Subtitle B--Taxes Based on Income and Wages
SEC. 811. PAYROLL TAX ON EMPLOYERS.
(a) In General.--Section 3111 (relating to tax on employers) is
amended by redesignating subsections (c) and (d) as subsection (d) and
(e), respectively, and by inserting after subsection (b) the following
new subsection:
``(c) Health Care.--In addition to other taxes, there is hereby
imposed on every employer an excise tax, with respect to having
individuals in his employ, equal to 6.7 percent of the wages (as
defined in section 3121(a)) paid by him with respect to employment (as
defined in section 3121(b)).''.
(b) Self-Employment Income.--Section 1401 (relating to rate of tax
on self-employment income) is amended by redesignating subsection (c)

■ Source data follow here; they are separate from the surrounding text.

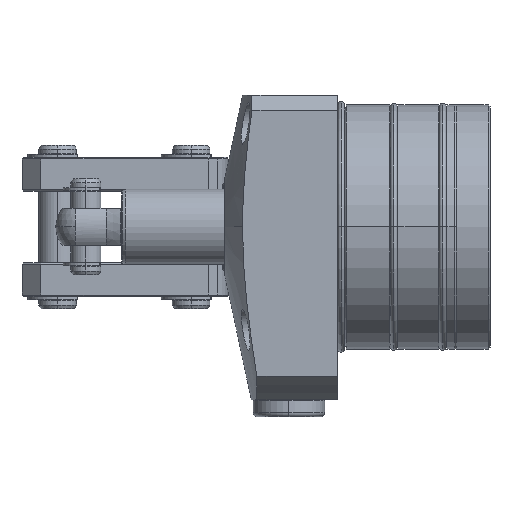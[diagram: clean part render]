
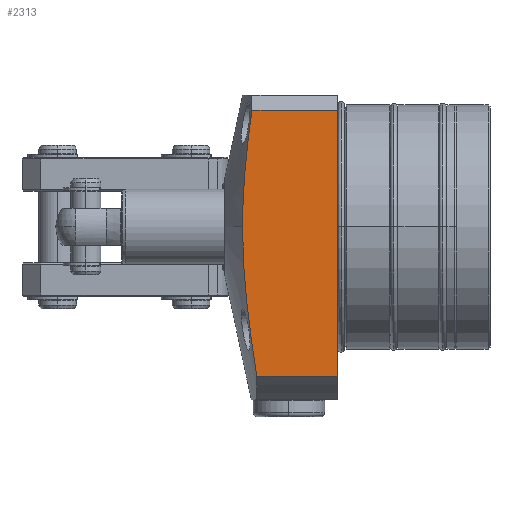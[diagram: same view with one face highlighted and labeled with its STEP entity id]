
A CAD part, top view. The second image highlights one B-rep face of the part: STEP entity #2313.
In plain terms, the highlighted planar face has unit normal (0, 0, 1).
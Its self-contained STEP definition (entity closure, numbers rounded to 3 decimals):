
#1474=B_SPLINE_CURVE_WITH_KNOTS('',3,(#12861,#12862,#12863,#12864),
 .UNSPECIFIED.,.F.,.F.,(4,4),(0.,1.),.UNSPECIFIED.);
#1501=B_SPLINE_CURVE_WITH_KNOTS('',3,(#13345,#13346,#13347,#13348),
 .UNSPECIFIED.,.F.,.F.,(4,4),(0.,1.),.UNSPECIFIED.);
#1972=PLANE('',#8865);
#2313=ADVANCED_FACE('',(#2866),#1972,.F.);
#2866=FACE_OUTER_BOUND('',#3298,.T.);
#3298=EDGE_LOOP('',(#5515,#5516,#5517,#5518,#5519));
#3764=LINE('',#13312,#4132);
#3772=LINE('',#13342,#4140);
#3773=LINE('',#13344,#4141);
#4132=VECTOR('',#10799,1.);
#4140=VECTOR('',#10829,1.);
#4141=VECTOR('',#10832,1.);
#5515=ORIENTED_EDGE('',*,*,#7458,.F.);
#5516=ORIENTED_EDGE('',*,*,#7457,.T.);
#5517=ORIENTED_EDGE('',*,*,#7359,.T.);
#5518=ORIENTED_EDGE('',*,*,#7459,.T.);
#5519=ORIENTED_EDGE('',*,*,#7442,.F.);
#6543=VERTEX_POINT('',#12860);
#6544=VERTEX_POINT('',#12865);
#6610=VERTEX_POINT('',#13311);
#6611=VERTEX_POINT('',#13313);
#6616=VERTEX_POINT('',#13341);
#7359=EDGE_CURVE('',#6544,#6543,#1474,.T.);
#7442=EDGE_CURVE('',#6610,#6611,#3764,.T.);
#7457=EDGE_CURVE('',#6616,#6544,#3772,.T.);
#7458=EDGE_CURVE('',#6616,#6610,#3773,.T.);
#7459=EDGE_CURVE('',#6543,#6611,#1501,.T.);
#8865=AXIS2_PLACEMENT_3D('',#13349,#10833,#10834);
#10799=DIRECTION('',(-1.,0.,0.));
#10829=DIRECTION('',(-1.,0.,0.));
#10832=DIRECTION('',(0.,-1.,0.));
#10833=DIRECTION('',(0.,0.,-1.));
#10834=DIRECTION('',(0.,-1.,0.));
#12860=CARTESIAN_POINT('',(-25.336,0.,35.));
#12861=CARTESIAN_POINT('',(-22.837,31.,35.));
#12862=CARTESIAN_POINT('',(-24.287,20.716,35.));
#12863=CARTESIAN_POINT('',(-25.336,10.4,35.));
#12864=CARTESIAN_POINT('',(-25.336,0.,35.));
#12865=CARTESIAN_POINT('',(-22.837,31.,35.));
#13311=CARTESIAN_POINT('',(0.,-39.799,35.));
#13312=CARTESIAN_POINT('',(31.5,-39.799,35.));
#13313=CARTESIAN_POINT('',(-21.51,-39.799,35.));
#13341=CARTESIAN_POINT('',(0.,31.,35.));
#13342=CARTESIAN_POINT('',(31.501,31.,35.));
#13344=CARTESIAN_POINT('',(0.,31.,35.));
#13345=CARTESIAN_POINT('',(-25.336,0.,35.));
#13346=CARTESIAN_POINT('',(-25.336,-13.38,35.));
#13347=CARTESIAN_POINT('',(-23.615,-26.613,35.));
#13348=CARTESIAN_POINT('',(-21.51,-39.799,35.));
#13349=CARTESIAN_POINT('',(31.501,31.,35.));

as subsection (d) and inserting after subsection (b) the following new
subsection:
``(c) Health Care.--In addition to other taxes, there shall be
imposed for each taxable year, on the self-employment income of every
individual, a tax equal to 6.7 percent of the amount of the self-
employment income for such taxable year.''.
(c) Comparable Taxes for Railroad Services.--
(1) Tax on employers.--Section 3221 is amended by
redesignating subsections (c) and (d) as subsections (d) and
(e), respectively, and by inserting after subsection (b) the
following new subsection:
``(c) Health Care.--In addition to other taxes, there is hereby
imposed on every employer an excise tax, with respect to having
individuals in his employ, equal to 6.7 percent of the compensation
paid by such employer for services rendered to such employer.''.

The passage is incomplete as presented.